一向冷靜自持的霍潛忽而跟個失意的毛頭小子一樣狂拍水面:這個騙子,他什麽都不跟我說,什麽都不給我留。

我與他半月恩愛,他竟這麽拍拍屁股編個瞎話就把我打發了!他把我當什麽?青樓裏供他寵幸的花魁娘子?

看上了,就甜言蜜語把我哄上手。一番亵玩,将我家底親眷全摸個遍,他自己倒是半句話不交代,片葉不沾身。玩膩了,就丢到一邊,半點不留戀去找別的合心意小娘子,繼續哄來淫玩。

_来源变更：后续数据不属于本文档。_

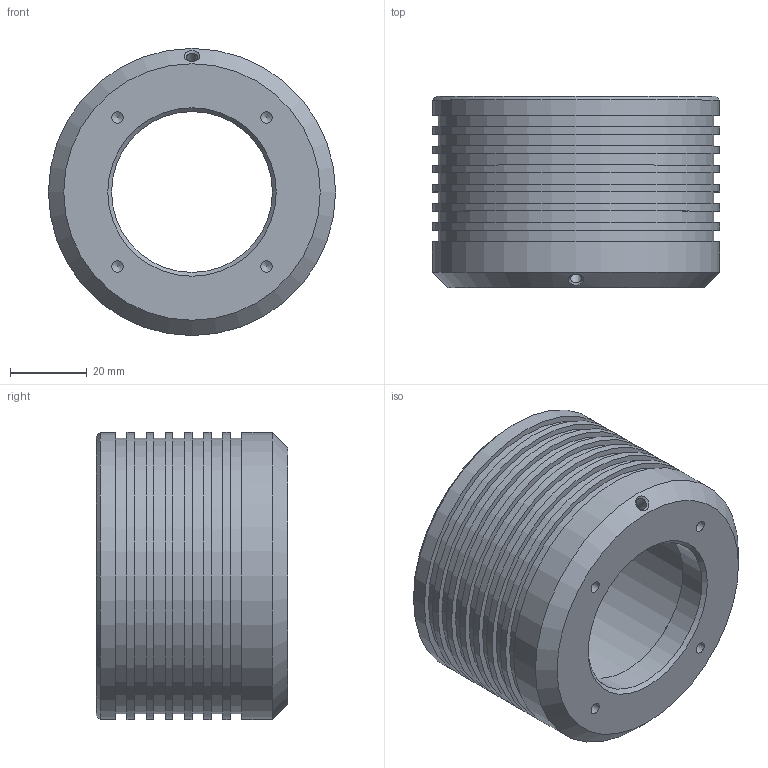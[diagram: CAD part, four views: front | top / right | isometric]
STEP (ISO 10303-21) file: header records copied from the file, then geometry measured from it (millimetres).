
FILE_DESCRIPTION((''),'2;1');
FILE_NAME('D:\上海创波-20181114\2-三维图纸\1-常用光源\WLDR系列\WLDR2系列-xxAGxx\WLDR2-UM75-.stp','2020-02-07T10:09:49',('Administrator'),(''),'Autodesk Inventor 2010','Autodesk Inventor 2010','');
FILE_SCHEMA(('AUTOMOTIVE_DESIGN { 1 0 10303 214 1 1 1 1 }'));
Length unit declared in the file: millimetre
Products named in the file (1): 零件23
Bounding box: 75 x 50 x 75 mm (x, y, z)
Volume: 62103.2 mm3; surface area: 49324.9 mm2
Topology: 1 solids, 9 shells, 177 faces, 359 edges, 217 vertices
Faces by surface type: plane 116, cylinder 29, bspline 21, cone 7, torus 4
Full cylindrical faces by diameter (mm): 2 x4, 3 x1, 3.2 x4, 42 x1, 52 x1, 57 x1, 69.2 x1, 72 x7, 75 x8
Entity records: 4566 total; most frequent: CARTESIAN_POINT 1064, DIRECTION 700, ORIENTED_EDGE 540, AXIS2_PLACEMENT_3D 278, EDGE_CURVE 270, EDGE_LOOP 265, VERTEX_POINT 187, STYLED_ITEM 178
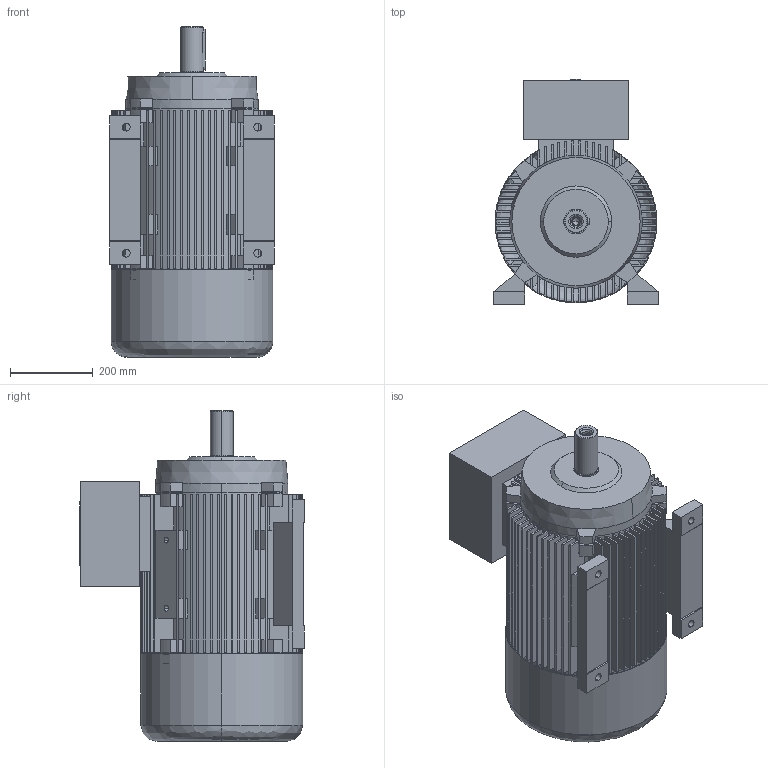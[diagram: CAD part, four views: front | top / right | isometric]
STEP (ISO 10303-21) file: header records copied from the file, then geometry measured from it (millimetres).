
FILE_DESCRIPTION (( 'STEP AP203' ), '1' );
FILE_NAME ('20.18424_A 7AT 200 B3 STANDK.STEP', '2018-04-24T11:24:57', ( '' ), ( '' ), 'SwSTEP 2.0', 'SolidWorks 2017', '' );
FILE_SCHEMA (( 'CONFIG_CONTROL_DESIGN' ));
Length unit declared in the file: millimetre
Products named in the file (1): 20.18424_A 7AT 200 B3 STANDK
Bounding box: 398 x 544 x 800 mm (x, y, z)
Volume: 30933481.6 mm3; surface area: 4288034.3 mm2
Topology: 6 solids, 6 shells, 792 faces, 2139 edges, 1401 vertices
Faces by surface type: plane 569, cylinder 172, cone 38, bspline 13
Entity records: 25503 total; most frequent: CARTESIAN_POINT 5148, ORIENTED_EDGE 4242, DIRECTION 4233, EDGE_CURVE 2121, LINE 1485, VECTOR 1485, VERTEX_POINT 1401, AXIS2_PLACEMENT_3D 1374

霍潛回想糯糯身上的青印模樣,背身在自己肩胛骨上紋了團一模一樣的。紋完穿衣,又攥着衣領指尖素白:霍潛你在做什麽?你紋這個給誰看?自欺欺人?或者想來日逮住了小騙子好脫了衣服讨他歡心?自甘輕賤。

霍潛氣呼呼把印記抹了。

霍潛又給自己紋了一個。

霍潛又把印記抹了。

霍潛又給自己紋了。

霍·不是花魁勝似花魁·潛一早上都在折騰自己。心态也在“他辜負我玩弄我,我定然不能輕饒他”的鬼夫模式和“得饒人處且饒人,他本就坎坷,我不應該逮着人寶貝孩子窮追猛打”

的佛系模式之間搖擺不定。

最後衣服一穿把印記遮了起來,冷豔高貴狀:待我抓住他,他要是肯乖乖地呆在我身邊,我就比照着他娘的心力來疼他。

也算是我敬他娘親一片愛子之心。

要是再偷奸耍滑玩弄于我……便要他知道偷心騙身不是他一只小貓咪可以玩的伎倆。

玩弄了霍姓花魁娘子的小貓咪在晨光下金光燦燦。昨晚在念過父母之後便是念及枕邊人。霍潛想他時,他也正對霍小娘子念念不忘。

他勇敢地走出家門,去往時先定下的山中最開闊的地界,免得多傷及飛禽走獸。

來吧天劫。

糯糯雄心萬丈:等過了這劫我就可以回去找阿嬌圓謊,過上有事帶貓崽,無事睡阿嬌的快活日子喵。